- _What is required_
All that should be output is the block of lines below from the line with "#136=CIRCLE('',#307,1.);" to the line with "#177=EDGE_CURVE('',#152,#151,#25,.T.);", both included, exactly as written.

- _Records provided_
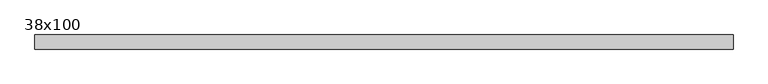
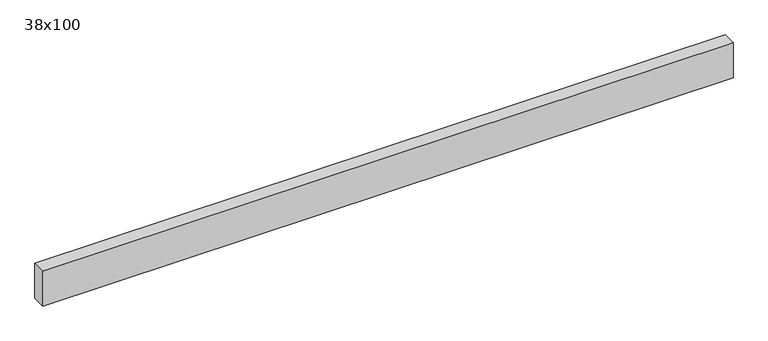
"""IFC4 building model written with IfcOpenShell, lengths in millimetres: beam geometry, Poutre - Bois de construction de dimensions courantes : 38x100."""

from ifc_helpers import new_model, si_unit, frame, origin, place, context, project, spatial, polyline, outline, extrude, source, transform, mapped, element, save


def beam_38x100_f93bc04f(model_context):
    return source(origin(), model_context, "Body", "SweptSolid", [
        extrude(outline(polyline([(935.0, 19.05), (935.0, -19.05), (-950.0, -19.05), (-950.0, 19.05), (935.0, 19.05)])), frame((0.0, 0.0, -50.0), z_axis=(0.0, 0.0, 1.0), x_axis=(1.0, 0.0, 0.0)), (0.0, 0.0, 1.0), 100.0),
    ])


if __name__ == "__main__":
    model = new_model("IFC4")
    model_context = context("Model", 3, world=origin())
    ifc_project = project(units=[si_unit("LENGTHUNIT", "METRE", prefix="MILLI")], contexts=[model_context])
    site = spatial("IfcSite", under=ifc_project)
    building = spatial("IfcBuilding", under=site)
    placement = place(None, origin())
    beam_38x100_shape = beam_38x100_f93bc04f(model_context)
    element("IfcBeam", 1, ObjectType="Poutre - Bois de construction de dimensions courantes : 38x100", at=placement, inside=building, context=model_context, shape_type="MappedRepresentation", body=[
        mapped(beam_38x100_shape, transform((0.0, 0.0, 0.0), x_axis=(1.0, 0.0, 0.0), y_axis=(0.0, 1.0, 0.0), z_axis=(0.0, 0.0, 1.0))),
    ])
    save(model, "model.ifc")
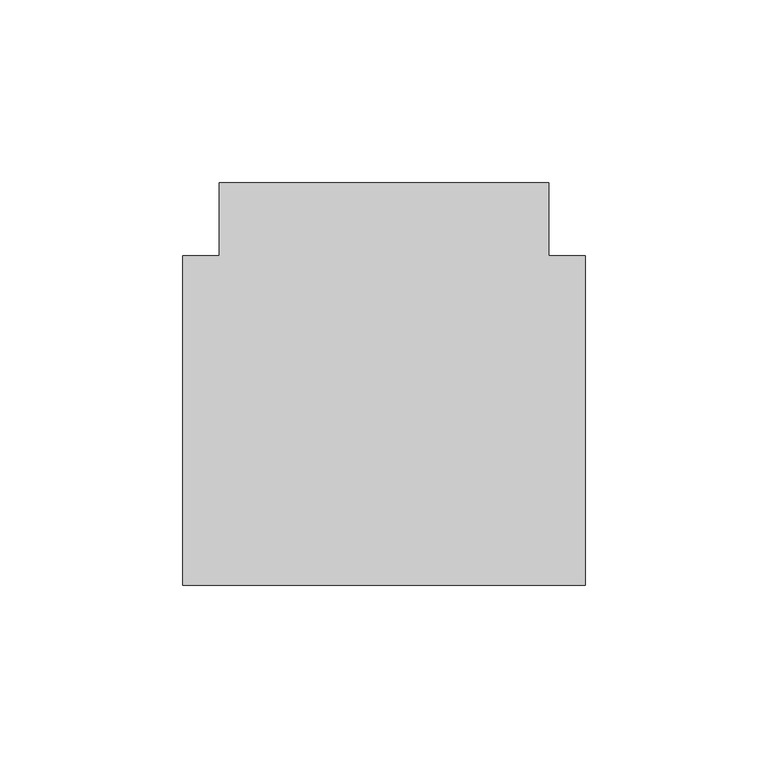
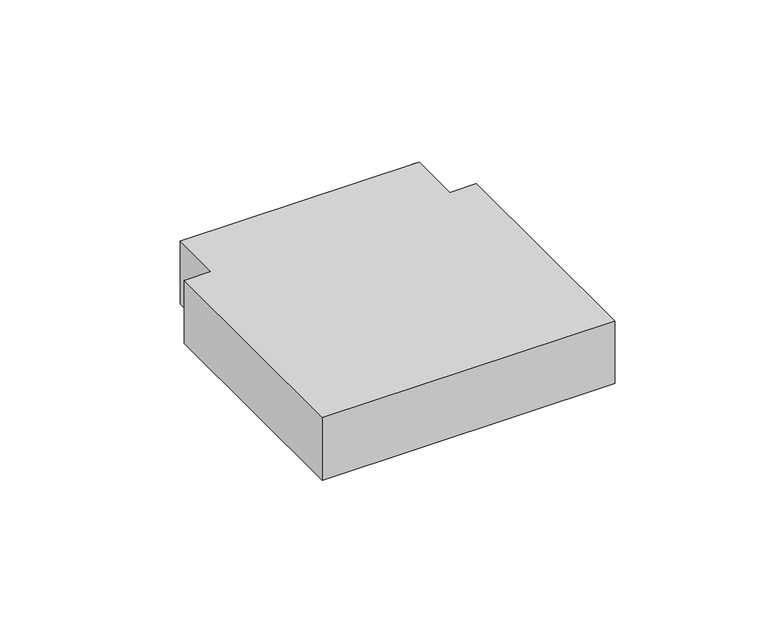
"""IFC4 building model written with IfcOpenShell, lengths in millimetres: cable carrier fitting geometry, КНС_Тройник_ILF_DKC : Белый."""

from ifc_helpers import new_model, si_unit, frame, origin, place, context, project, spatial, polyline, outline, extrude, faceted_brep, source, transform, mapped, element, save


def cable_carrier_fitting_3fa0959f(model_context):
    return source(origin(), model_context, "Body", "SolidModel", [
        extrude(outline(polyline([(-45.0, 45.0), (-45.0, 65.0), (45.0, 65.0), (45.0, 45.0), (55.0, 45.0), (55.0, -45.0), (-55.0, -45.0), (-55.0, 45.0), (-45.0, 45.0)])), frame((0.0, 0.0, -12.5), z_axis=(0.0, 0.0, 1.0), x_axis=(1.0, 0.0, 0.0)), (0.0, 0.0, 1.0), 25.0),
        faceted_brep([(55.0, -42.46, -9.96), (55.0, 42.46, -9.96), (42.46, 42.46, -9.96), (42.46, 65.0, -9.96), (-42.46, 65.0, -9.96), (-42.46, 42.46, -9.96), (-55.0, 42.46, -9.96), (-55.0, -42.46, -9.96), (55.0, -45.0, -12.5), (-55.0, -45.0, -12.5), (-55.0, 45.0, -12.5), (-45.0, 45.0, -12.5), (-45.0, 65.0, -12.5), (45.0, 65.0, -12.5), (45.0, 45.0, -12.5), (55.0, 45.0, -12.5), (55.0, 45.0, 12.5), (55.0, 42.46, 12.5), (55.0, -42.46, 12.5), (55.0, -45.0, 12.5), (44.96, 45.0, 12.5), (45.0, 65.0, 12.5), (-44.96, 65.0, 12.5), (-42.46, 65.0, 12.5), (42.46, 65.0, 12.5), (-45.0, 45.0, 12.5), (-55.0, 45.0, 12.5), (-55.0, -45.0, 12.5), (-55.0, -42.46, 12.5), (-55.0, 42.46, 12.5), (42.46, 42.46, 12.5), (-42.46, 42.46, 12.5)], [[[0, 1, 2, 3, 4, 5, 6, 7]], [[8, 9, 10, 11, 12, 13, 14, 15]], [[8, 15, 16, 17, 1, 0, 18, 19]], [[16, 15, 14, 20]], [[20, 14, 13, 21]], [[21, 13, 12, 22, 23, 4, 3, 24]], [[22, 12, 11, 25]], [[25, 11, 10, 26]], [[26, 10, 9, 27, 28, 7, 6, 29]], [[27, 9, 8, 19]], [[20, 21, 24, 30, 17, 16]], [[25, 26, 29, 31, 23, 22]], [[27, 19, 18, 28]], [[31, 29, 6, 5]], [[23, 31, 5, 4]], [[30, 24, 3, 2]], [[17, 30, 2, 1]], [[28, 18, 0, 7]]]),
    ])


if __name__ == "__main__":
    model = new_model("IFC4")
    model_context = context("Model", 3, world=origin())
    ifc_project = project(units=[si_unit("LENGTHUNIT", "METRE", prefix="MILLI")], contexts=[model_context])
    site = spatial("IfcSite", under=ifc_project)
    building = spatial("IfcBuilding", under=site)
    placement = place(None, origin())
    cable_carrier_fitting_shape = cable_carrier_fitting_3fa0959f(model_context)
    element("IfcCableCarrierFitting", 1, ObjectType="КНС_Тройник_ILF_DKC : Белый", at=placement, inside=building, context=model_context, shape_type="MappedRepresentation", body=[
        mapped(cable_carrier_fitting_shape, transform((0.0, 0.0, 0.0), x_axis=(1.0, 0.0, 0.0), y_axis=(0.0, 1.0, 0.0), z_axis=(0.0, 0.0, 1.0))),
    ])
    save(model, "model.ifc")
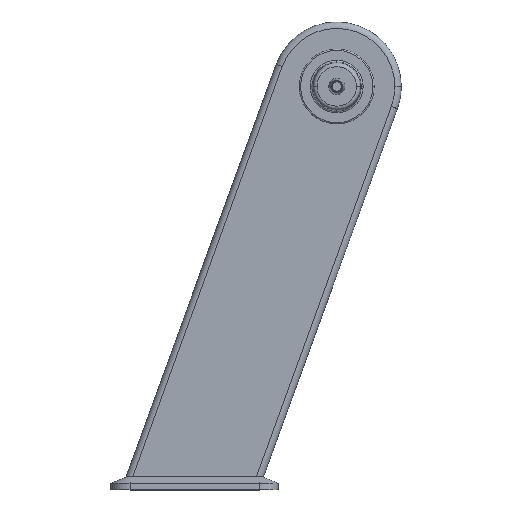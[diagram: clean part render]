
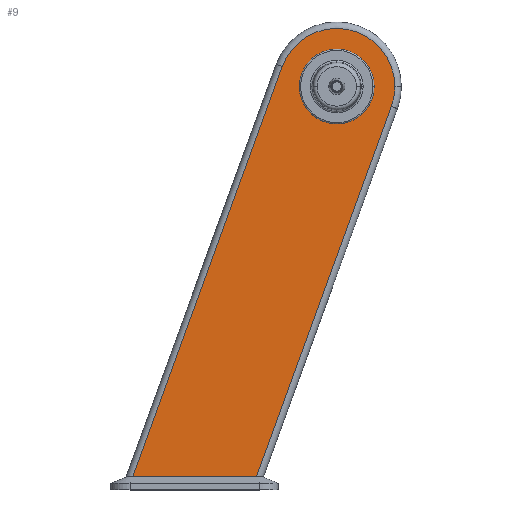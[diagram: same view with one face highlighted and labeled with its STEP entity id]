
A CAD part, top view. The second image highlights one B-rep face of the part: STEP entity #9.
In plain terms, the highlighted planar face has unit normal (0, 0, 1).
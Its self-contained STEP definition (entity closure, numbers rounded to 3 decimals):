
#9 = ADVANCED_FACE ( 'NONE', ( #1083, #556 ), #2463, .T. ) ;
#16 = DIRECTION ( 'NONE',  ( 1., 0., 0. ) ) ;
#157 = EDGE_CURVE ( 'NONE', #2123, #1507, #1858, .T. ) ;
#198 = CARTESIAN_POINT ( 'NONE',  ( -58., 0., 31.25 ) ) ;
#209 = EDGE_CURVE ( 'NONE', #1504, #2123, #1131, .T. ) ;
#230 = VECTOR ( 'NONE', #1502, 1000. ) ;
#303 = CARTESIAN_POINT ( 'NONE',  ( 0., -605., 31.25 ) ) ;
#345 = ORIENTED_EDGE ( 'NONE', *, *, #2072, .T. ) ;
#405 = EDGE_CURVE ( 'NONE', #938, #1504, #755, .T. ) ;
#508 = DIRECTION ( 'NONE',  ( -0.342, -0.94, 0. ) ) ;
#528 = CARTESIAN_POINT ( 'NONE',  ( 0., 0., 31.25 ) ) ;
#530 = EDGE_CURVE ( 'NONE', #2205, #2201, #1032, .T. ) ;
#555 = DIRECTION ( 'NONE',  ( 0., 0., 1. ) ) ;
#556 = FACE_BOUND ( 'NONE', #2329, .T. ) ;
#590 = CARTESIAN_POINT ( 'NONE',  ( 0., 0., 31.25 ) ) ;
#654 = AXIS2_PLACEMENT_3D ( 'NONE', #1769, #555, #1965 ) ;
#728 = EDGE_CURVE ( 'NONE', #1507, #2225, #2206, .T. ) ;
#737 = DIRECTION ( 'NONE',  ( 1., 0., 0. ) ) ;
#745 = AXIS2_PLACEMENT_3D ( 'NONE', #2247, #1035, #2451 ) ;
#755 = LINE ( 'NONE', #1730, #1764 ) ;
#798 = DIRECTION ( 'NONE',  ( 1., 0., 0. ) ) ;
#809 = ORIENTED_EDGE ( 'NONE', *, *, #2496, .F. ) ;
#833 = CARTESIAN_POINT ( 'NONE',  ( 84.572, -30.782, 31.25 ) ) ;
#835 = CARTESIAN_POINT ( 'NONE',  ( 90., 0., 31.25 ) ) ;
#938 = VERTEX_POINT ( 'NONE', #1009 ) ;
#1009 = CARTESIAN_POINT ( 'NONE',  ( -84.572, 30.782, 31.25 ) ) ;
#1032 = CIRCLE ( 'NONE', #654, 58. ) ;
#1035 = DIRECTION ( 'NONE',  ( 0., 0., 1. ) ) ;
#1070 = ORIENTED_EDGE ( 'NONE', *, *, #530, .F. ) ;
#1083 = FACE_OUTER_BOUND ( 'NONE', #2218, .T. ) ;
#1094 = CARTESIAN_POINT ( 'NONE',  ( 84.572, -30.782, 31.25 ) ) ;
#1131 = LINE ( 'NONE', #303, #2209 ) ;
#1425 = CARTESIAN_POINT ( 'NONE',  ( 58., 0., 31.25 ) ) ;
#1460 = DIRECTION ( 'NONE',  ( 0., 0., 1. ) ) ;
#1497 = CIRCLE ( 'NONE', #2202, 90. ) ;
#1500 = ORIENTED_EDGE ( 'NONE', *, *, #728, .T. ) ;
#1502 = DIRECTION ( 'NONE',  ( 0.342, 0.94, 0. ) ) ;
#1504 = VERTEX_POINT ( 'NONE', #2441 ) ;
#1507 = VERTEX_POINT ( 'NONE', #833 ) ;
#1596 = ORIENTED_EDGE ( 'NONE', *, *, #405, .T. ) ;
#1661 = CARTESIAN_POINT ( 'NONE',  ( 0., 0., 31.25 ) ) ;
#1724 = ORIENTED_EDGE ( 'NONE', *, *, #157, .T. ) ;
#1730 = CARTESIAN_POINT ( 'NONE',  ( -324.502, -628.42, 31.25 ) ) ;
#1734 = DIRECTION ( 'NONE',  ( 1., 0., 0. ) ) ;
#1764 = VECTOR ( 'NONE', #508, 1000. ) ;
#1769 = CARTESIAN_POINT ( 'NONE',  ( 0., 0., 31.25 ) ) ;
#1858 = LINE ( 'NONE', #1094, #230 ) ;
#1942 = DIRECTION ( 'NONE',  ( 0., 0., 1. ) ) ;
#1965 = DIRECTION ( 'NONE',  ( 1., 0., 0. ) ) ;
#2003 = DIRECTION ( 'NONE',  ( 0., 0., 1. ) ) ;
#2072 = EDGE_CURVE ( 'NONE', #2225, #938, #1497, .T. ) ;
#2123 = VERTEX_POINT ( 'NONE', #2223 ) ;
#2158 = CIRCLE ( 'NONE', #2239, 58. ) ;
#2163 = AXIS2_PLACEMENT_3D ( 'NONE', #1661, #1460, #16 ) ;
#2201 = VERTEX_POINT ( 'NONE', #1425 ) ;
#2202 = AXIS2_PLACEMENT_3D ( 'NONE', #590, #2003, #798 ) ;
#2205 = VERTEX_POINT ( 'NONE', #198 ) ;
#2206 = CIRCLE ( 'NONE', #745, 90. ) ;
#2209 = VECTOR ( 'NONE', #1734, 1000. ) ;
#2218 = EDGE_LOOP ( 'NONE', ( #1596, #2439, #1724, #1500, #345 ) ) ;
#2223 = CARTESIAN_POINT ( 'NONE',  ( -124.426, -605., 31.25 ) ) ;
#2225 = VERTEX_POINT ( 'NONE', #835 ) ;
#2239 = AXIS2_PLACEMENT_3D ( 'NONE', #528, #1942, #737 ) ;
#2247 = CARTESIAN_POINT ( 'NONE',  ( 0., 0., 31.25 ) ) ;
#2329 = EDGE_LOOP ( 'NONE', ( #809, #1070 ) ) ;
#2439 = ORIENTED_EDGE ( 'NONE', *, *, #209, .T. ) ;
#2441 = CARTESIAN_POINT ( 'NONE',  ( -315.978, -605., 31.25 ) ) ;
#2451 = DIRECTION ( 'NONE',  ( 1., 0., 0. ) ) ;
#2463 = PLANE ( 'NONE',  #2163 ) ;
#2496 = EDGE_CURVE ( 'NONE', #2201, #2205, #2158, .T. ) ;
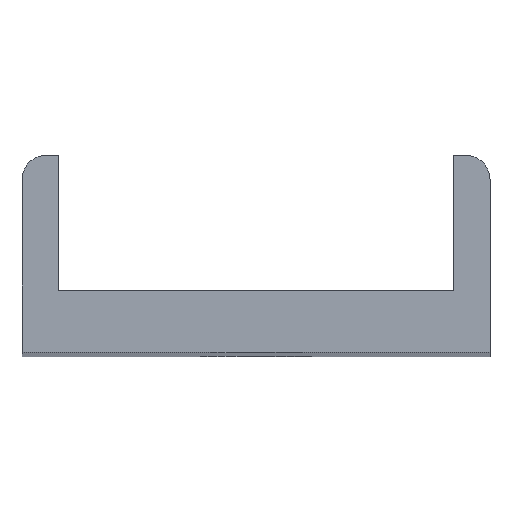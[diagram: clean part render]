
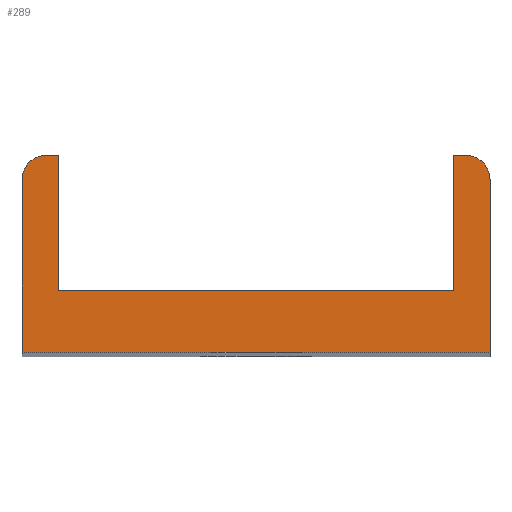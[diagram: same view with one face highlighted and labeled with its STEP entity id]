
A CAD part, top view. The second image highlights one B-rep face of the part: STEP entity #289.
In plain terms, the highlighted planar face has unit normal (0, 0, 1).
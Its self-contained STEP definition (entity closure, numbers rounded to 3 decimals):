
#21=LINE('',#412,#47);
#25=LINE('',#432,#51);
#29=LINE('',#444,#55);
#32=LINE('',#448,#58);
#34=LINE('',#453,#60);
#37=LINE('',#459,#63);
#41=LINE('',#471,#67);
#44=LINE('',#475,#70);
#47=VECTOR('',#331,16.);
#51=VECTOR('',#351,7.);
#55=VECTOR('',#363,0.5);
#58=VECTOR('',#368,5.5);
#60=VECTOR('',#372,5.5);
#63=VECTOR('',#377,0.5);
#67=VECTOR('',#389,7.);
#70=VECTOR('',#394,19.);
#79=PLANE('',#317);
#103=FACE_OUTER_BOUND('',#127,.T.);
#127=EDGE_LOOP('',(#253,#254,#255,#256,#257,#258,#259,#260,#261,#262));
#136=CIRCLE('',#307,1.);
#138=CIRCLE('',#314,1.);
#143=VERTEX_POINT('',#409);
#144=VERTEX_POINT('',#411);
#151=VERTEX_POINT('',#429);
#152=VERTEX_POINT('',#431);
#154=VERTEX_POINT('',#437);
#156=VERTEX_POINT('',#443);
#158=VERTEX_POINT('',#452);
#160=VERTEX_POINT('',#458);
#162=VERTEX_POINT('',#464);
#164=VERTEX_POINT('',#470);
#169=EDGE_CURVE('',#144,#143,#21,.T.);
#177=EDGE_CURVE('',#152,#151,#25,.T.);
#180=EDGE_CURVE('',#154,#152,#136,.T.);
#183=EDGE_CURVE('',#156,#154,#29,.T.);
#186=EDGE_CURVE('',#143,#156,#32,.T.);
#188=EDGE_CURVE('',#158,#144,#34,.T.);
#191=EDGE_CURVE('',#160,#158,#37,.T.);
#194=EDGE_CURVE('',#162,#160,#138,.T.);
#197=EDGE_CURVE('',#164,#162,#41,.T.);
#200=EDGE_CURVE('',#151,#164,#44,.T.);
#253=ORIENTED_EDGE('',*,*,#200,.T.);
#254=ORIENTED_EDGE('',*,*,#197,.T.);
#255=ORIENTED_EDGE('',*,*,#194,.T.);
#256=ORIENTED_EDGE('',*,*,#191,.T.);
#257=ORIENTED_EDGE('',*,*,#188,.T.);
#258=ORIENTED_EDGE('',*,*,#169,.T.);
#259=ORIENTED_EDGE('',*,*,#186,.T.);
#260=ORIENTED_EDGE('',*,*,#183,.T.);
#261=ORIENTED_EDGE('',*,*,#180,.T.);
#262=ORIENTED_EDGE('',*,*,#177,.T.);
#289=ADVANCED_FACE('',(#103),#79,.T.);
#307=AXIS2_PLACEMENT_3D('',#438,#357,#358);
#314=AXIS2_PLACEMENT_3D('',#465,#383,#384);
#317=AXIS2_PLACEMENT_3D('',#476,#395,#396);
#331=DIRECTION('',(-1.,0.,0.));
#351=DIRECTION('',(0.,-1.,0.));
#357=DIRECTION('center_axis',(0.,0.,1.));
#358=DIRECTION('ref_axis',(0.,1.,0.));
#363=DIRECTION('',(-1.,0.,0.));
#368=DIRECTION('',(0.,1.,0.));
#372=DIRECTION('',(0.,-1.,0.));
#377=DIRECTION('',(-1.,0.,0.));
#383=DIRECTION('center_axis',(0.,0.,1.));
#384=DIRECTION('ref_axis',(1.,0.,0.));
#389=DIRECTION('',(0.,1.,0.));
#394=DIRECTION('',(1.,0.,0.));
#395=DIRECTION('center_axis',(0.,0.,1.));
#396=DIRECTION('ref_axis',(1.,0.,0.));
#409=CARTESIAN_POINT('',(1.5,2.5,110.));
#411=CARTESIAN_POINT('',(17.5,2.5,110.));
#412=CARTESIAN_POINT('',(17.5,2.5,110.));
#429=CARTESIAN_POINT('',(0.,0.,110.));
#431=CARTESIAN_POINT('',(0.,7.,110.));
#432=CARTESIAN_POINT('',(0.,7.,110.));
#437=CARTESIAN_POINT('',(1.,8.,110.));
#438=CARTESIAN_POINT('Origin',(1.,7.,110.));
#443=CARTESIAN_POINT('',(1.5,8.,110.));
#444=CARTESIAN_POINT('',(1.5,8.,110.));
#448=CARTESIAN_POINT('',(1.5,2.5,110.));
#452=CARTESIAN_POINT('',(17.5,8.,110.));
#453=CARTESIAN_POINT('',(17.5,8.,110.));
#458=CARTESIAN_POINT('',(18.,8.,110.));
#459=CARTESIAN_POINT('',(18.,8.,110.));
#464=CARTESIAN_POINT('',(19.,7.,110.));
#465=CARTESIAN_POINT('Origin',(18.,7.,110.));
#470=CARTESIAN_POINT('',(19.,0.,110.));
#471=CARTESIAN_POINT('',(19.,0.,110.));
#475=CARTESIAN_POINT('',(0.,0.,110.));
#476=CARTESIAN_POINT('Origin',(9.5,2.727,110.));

- _Answer for this exercise_
#136=CIRCLE('',#307,1.);
#138=CIRCLE('',#314,1.);
#143=VERTEX_POINT('',#409);
#144=VERTEX_POINT('',#411);
#151=VERTEX_POINT('',#429);
#152=VERTEX_POINT('',#431);
#154=VERTEX_POINT('',#437);
#156=VERTEX_POINT('',#443);
#158=VERTEX_POINT('',#452);
#160=VERTEX_POINT('',#458);
#162=VERTEX_POINT('',#464);
#164=VERTEX_POINT('',#470);
#169=EDGE_CURVE('',#144,#143,#21,.T.);
#177=EDGE_CURVE('',#152,#151,#25,.T.);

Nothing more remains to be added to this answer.